- Input material -
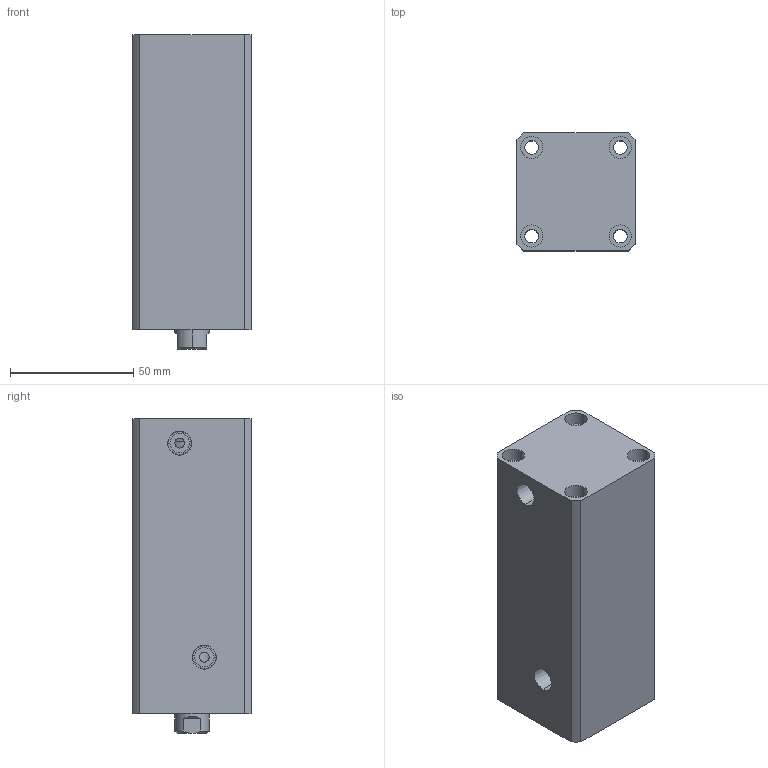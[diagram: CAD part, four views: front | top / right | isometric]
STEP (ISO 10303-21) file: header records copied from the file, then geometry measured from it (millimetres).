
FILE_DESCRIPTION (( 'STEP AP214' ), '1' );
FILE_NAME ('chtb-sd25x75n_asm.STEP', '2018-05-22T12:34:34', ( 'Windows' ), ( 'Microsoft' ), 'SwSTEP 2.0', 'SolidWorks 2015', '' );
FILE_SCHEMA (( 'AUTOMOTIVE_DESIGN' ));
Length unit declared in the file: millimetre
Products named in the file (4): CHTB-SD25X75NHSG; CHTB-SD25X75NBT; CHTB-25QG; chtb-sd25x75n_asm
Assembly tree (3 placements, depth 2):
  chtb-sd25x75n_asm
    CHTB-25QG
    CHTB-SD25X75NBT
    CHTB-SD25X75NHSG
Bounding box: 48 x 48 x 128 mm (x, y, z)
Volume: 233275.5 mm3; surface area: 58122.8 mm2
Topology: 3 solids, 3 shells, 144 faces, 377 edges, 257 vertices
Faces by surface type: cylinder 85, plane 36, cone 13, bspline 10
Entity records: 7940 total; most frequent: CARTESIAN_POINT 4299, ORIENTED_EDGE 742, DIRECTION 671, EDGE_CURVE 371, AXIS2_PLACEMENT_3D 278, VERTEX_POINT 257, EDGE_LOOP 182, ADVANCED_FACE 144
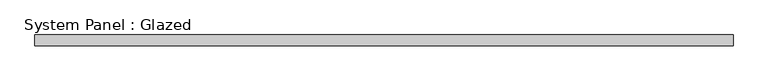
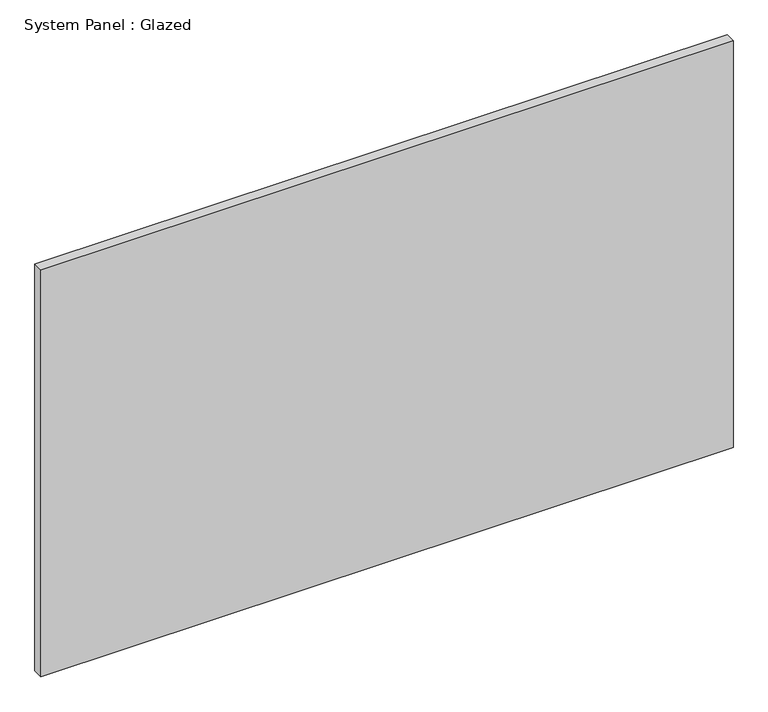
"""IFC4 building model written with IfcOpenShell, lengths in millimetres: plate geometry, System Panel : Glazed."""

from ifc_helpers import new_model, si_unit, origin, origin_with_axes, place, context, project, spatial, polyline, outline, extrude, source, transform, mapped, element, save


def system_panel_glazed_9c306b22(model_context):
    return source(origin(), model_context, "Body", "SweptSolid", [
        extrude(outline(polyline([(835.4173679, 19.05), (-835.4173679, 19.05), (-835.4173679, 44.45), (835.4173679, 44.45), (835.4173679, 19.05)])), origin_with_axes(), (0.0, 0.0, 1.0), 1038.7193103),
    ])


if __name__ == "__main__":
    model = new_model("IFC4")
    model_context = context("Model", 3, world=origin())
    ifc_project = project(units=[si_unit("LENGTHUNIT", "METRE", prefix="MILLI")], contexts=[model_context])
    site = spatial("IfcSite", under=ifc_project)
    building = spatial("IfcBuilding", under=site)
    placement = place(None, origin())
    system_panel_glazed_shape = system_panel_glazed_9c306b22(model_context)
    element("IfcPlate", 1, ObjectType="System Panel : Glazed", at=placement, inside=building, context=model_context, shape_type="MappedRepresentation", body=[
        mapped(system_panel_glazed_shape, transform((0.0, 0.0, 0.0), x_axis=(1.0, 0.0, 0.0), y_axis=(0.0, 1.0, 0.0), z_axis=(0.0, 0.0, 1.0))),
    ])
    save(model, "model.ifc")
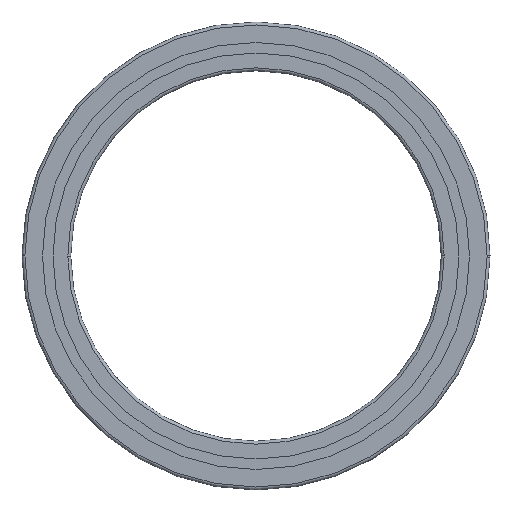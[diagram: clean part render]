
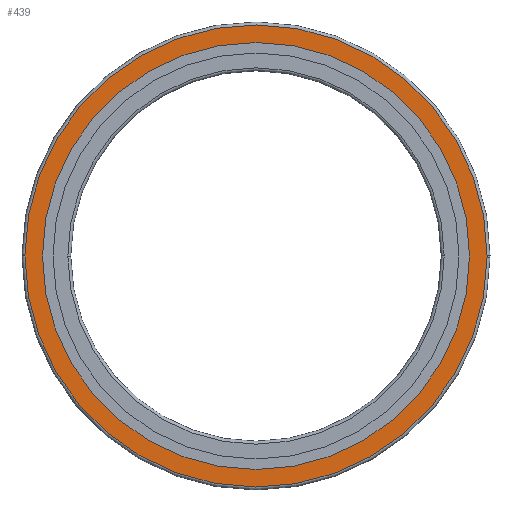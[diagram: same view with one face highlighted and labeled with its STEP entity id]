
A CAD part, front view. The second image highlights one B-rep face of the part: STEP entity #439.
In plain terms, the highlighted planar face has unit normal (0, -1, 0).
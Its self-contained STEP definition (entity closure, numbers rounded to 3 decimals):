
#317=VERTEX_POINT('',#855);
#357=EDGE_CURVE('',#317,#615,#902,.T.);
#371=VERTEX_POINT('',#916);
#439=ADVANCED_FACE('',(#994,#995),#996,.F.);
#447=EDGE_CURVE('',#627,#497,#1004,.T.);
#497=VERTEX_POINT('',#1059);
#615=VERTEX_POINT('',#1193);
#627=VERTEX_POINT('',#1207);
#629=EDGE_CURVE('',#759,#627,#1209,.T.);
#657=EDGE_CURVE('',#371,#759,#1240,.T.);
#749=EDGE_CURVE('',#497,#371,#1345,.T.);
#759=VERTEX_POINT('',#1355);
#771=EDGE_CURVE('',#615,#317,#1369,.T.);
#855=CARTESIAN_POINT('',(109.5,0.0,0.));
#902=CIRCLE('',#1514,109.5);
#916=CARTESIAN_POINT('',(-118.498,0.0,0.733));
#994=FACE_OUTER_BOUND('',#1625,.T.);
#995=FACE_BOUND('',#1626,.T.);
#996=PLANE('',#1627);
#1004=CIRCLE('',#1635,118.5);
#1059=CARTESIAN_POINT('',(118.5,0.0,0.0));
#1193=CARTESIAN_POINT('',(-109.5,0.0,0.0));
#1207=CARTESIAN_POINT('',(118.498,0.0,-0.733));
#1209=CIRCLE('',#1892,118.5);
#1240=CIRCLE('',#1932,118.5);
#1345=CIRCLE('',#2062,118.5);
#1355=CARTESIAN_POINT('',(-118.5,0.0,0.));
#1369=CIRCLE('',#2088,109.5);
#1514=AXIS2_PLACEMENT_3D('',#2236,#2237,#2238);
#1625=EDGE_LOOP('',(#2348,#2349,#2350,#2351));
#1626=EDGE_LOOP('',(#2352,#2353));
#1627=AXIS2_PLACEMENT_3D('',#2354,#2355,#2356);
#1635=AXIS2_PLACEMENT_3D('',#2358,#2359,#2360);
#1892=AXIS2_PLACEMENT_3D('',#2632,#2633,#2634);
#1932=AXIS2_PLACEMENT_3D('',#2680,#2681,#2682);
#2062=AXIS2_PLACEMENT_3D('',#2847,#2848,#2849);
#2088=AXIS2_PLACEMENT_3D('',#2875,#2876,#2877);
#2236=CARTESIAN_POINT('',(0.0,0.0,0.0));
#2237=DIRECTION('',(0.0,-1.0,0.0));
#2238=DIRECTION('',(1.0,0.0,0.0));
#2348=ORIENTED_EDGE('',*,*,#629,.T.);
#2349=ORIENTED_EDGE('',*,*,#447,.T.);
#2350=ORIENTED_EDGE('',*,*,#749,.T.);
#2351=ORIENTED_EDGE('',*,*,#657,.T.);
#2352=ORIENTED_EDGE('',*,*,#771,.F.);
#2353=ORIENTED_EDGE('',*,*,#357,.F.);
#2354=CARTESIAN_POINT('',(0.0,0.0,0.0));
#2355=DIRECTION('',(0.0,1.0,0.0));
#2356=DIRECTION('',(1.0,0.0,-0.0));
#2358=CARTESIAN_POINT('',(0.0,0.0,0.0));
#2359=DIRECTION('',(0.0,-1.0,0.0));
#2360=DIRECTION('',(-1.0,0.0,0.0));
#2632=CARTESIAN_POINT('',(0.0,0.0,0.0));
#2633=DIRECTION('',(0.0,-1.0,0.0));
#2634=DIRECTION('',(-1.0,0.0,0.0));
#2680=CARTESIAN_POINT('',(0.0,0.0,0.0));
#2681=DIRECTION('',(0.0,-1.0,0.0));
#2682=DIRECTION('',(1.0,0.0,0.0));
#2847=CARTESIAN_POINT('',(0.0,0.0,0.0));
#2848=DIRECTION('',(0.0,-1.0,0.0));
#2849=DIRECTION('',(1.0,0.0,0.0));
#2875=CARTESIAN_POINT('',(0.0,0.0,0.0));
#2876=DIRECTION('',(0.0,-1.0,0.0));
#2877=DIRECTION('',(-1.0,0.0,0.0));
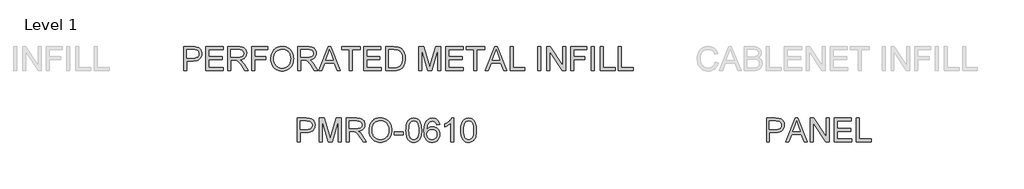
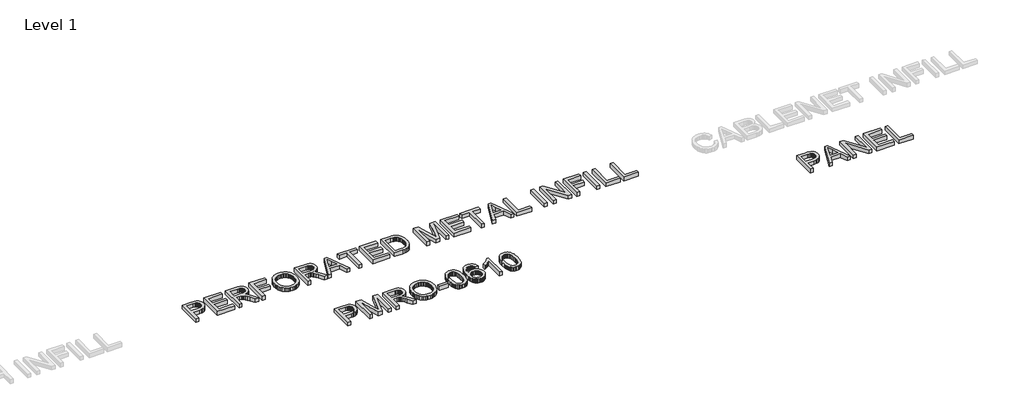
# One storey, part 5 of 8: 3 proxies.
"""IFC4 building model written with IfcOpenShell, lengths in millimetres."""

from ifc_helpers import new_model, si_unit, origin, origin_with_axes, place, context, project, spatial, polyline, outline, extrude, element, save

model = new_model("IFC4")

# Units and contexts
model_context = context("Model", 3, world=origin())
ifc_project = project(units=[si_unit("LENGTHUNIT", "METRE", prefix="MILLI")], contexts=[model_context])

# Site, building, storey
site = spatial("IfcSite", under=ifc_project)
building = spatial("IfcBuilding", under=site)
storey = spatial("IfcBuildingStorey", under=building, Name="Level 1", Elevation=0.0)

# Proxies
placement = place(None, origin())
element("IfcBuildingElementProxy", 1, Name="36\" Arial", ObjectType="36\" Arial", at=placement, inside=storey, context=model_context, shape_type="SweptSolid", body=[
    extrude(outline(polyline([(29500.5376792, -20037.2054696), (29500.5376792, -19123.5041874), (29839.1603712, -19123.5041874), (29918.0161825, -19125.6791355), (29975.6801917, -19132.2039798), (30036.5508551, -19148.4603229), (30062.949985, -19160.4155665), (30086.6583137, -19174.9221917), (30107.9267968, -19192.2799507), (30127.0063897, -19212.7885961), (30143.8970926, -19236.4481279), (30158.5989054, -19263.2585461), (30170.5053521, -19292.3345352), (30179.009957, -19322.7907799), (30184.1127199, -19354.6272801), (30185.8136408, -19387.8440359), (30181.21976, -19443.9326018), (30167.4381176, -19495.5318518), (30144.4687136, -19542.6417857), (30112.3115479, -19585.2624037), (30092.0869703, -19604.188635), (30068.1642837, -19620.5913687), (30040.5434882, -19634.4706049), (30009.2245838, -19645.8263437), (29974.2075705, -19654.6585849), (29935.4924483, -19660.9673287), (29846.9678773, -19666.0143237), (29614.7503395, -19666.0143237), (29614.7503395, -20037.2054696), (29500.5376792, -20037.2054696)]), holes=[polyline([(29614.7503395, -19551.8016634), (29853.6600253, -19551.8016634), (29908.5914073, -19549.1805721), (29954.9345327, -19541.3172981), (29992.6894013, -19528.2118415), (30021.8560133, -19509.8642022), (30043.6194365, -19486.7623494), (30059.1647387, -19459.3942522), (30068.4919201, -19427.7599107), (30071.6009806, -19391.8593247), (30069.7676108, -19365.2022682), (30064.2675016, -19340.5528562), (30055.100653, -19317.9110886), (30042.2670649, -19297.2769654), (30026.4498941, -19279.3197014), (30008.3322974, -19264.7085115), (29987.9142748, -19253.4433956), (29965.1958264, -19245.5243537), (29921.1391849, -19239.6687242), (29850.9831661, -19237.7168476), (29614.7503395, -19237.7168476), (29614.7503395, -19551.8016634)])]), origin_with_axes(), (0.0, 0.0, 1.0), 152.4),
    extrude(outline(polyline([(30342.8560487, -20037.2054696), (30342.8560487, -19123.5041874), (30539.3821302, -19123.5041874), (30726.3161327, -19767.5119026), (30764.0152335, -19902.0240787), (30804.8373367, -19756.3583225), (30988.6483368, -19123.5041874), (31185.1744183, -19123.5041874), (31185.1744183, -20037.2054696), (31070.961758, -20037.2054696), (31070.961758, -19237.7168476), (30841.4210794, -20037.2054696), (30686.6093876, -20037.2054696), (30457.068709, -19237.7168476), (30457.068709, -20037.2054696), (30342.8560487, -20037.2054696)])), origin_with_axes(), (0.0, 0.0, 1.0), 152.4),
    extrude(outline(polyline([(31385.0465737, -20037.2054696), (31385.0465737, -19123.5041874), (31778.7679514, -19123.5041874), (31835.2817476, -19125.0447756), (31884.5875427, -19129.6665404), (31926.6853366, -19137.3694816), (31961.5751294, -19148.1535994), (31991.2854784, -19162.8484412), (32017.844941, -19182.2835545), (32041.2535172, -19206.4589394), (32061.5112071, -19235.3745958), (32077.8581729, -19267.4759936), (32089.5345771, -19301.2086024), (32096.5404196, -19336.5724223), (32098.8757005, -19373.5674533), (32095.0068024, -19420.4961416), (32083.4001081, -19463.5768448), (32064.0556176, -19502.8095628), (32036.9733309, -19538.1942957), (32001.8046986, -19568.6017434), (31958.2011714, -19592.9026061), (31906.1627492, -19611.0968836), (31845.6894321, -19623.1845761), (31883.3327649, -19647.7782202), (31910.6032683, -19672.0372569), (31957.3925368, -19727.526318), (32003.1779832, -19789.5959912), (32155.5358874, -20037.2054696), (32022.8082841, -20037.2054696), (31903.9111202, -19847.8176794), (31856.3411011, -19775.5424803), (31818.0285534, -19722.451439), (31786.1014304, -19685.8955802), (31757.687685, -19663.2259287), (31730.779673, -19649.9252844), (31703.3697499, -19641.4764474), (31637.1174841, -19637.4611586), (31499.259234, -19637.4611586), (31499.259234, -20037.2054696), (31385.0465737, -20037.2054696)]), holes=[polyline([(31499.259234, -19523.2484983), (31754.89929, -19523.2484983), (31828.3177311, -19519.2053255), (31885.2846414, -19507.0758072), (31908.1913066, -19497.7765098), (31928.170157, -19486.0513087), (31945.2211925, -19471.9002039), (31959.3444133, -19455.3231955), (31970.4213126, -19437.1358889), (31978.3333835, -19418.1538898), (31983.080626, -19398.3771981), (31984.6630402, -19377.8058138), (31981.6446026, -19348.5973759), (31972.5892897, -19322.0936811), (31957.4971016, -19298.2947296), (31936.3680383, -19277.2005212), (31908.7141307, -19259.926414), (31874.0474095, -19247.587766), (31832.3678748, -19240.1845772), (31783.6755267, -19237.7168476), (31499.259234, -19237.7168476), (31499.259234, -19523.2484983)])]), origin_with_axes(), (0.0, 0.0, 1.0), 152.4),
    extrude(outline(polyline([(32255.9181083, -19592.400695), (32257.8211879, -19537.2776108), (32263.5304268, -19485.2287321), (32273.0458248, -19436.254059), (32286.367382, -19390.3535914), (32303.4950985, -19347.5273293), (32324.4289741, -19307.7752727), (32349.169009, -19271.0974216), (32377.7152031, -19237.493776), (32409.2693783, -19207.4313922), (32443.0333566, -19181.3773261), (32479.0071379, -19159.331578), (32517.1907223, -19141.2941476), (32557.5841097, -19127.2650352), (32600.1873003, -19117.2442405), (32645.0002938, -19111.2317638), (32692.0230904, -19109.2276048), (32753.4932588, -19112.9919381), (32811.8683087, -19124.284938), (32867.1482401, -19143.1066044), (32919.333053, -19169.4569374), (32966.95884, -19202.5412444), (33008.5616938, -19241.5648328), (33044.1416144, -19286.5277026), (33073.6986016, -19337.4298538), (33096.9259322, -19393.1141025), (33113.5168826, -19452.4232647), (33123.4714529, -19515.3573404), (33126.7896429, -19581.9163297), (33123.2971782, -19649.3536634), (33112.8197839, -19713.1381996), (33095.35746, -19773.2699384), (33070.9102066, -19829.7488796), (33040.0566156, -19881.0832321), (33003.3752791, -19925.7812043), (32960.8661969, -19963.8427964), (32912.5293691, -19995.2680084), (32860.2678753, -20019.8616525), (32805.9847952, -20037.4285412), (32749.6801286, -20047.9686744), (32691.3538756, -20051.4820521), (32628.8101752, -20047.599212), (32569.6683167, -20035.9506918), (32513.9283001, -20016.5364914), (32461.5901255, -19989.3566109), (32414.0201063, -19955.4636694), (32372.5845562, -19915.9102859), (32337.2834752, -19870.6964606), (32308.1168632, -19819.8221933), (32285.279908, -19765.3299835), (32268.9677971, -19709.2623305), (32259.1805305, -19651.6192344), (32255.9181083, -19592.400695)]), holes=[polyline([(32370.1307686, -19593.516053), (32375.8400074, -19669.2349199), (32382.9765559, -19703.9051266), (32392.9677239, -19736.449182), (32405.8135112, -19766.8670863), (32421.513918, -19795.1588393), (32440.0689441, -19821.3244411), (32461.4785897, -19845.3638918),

- Aim of the task -
Starting at the line with "#2680=CARTESIAN_POINT('',(0.0,0.0,0.0));" in the entries above, write out every line exactly until the line with "# Units and contexts" has been written. Include no pictures and nothing more.

- Your solution -
#2680=CARTESIAN_POINT('',(0.0,0.0,0.0));
#2681=DIRECTION('',(0.0,-1.0,0.0));
#2682=DIRECTION('',(1.0,0.0,0.0));
#2847=CARTESIAN_POINT('',(0.0,0.0,0.0));
#2848=DIRECTION('',(0.0,-1.0,0.0));
#2849=DIRECTION('',(1.0,0.0,0.0));
#2875=CARTESIAN_POINT('',(0.0,0.0,0.0));
#2876=DIRECTION('',(0.0,-1.0,0.0));
#2877=DIRECTION('',(-1.0,0.0,0.0));
# One storey, part 5 of 8: 3 proxies.
"""IFC4 building model written with IfcOpenShell, lengths in millimetres."""

from ifc_helpers import new_model, si_unit, origin, origin_with_axes, place, context, project, spatial, polyline, outline, extrude, element, save

model = new_model("IFC4")

# Units and contexts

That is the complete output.